# 04 Vs. 03 bumpers



## ScarCrow28 (May 14, 2002)

after seeing the ugly 04 se r bumpers, i'm wondering if it would be possible to replace it with an 03 bumper. i hear the hoods don't match with the new headlights, but what about the bumpers & quarter panels? 

i have a bad feeling they don't, but God I hope so. i might be in the market for one in a few months. (new job yay!)

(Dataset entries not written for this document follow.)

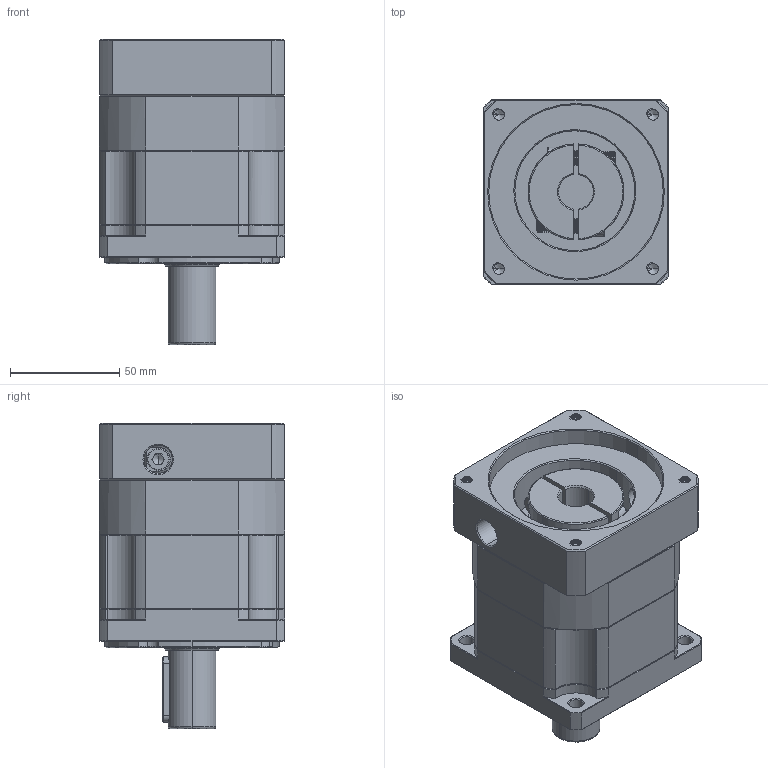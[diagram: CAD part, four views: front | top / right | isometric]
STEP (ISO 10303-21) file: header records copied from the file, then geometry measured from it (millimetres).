
FILE_DESCRIPTION (( 'STEP AP214' ), '1' );
FILE_NAME ('ZB90-D22-L1-16-80-100-M6.STEP', '2022-05-02T15:40:18', ( '' ), ( 'Microsoft' ), 'SwSTEP 2.0', 'SolidWorks 2016', '' );
FILE_SCHEMA (( 'AUTOMOTIVE_DESIGN' ));
Length unit declared in the file: millimetre
Products named in the file (1): ZB90-D22-L1-16-80-100-M6
Bounding box: 85 x 85 x 140 mm (x, y, z)
Volume: 601274.7 mm3; surface area: 86492.7 mm2
Topology: 4 solids, 5 shells, 1941 faces, 5066 edges, 3205 vertices
Faces by surface type: plane 886, cylinder 396, cone 333, bspline 299, torus 27
Entity records: 104706 total; most frequent: CARTESIAN_POINT 38431, ORIENTED_EDGE 10088, DIRECTION 8186, EDGE_CURVE 5044, VERTEX_POINT 3205, VECTOR 3100, LINE 3100, AXIS2_PLACEMENT_3D 2543

anyone know? havn't seen an 04 up close yet.


----------



## chimmike (Oct 17, 2002)

if the hooods don't match the headlights, they won't match the bumpers as well.


----------



## sr20dem0n (Mar 19, 2003)

To swap to an 03 bumper you would also have to swap the headlights, fog lights, hood, and fenders


----------



## Guest (May 12, 2003)

sr20dem0n said:


> *To swap to an 03 bumper you would also have to swap the headlights, fog lights, hood, and fenders *












Peep this shit homie
2004 SpecV


----------



## CorNut (Apr 6, 2003)

the interior is all the same except the dash, the 2004 looks ugly. No orangle lights, just ordinary dash like every other car..well if I had it I'd prolly get reverse indiglos anyway... but truthfully, I may have bad taste but I think the 2004 is pretty tight, yah the stock front end isn't as good as the 02-03 stock front end... but that will be an easy fix when they come out with a tight body kit. Come on all, accept the new look  they can't always look the same, that'd be boring... plus the 2004 is suppose to be better performing... I almost wish I waited a few months and bought the 04 for that reason.... the tail lights definately look better than the old ones.... I say give that car a body kit and it's ready to roll


----------



## sr20dem0n (Mar 19, 2003)

NorCalRacer1 said:


> *
> 
> 
> 
> ...


What's your point? I've seen the pics...the 04 headlights are a different shape and smaller, meaning you would need 03 headlights, the grill is bigger on the 04 meaning you would need an 03 hood, the 04 headlights don't wrap around the sides as much meaning you would need the 03 fenders, and the 04 fogs don't mount the same and are smaller than the 03, so you would need those too.


----------



## ScarCrow28 (May 14, 2002)

i think he wants to show how he chop shoped the image to make it a 2 door (i'd rather the 4dr) with a lower front spoiler. also thinks for some reason taht a 3.5 would fit in the engine bay. Also wants to put in a 350z center console inside somehow. 

P.S the old rear headlights never botherd me one bit. Certainly not as much as loosing the sweet bumper does.


----------



## CrshDriver (Mar 28, 2003)

Is everyone missing the point of the Spec-V. The car was supposed to have "Skyline styling". Granted the new Skylines look like crap, but that doesn't mean they should take away the sweet front end the Spec-V had. Now, it just looks like a Sentra. The dash sucks. OOOHH!! WOW!!! They gave Brembo calipers. Woop dee doo!! Is that supposed to make up for the rest of the crap they did wrong to the car. 

Sorry, had to vent. All manufactures are screwing themselves. Changing the looks of their hot cars. Glad I got my 03!!


----------



## CorNut (Apr 6, 2003)

well hell.... I wish I had Brembo brakes


----------



## Cougs (Dec 4, 2002)

I know a few of the local junkyard owners in my town...couple of 2004 spec-v's with the brembo upgrades get crashed, i get a phone call, i get brembo's for less than market price...which is nice.....

BUT, back to the original topic, as chimmike said, if the bumpers don;t line up with the headlights (which I am told they don't) then there isn't much to be done...besides, it might be cheaper to buy an aftermarket front fascia instead of the OEM (even if it did fit...). Just take a look at the cost for those horrible alloy wheels we get stuck with ($600/wheel from the dealer...less on ebay, but still...crappy wheels).


----------



## ScarCrow28 (May 14, 2002)

the new wheels look as though they would be a lot lighter. but nothing sporty. In fact the whole car seems to have taken a soft New York luxoury attitude over the Raw power of old.


----------



## Jtspecv2002 (Nov 14, 2002)

wuz up fellow specv owners. i am in kuwait right now. i finally got to the internet to look and read the updates. i do not like the 2004 model. it look like the a regular sentra nothing close to the skyline. i wish it looked like the skyline though. what is the power on the 04? if it is stronger than 02,03 can there be an engine and tranny swap? just wondering. well got to go to guard duty. later peeps and hope to be back soon.


----------



## germex (Jan 15, 2003)

CorNut said:


> *well hell.... I wish I had Brembo brakes  *


LMAO. Yeah, me too.


----------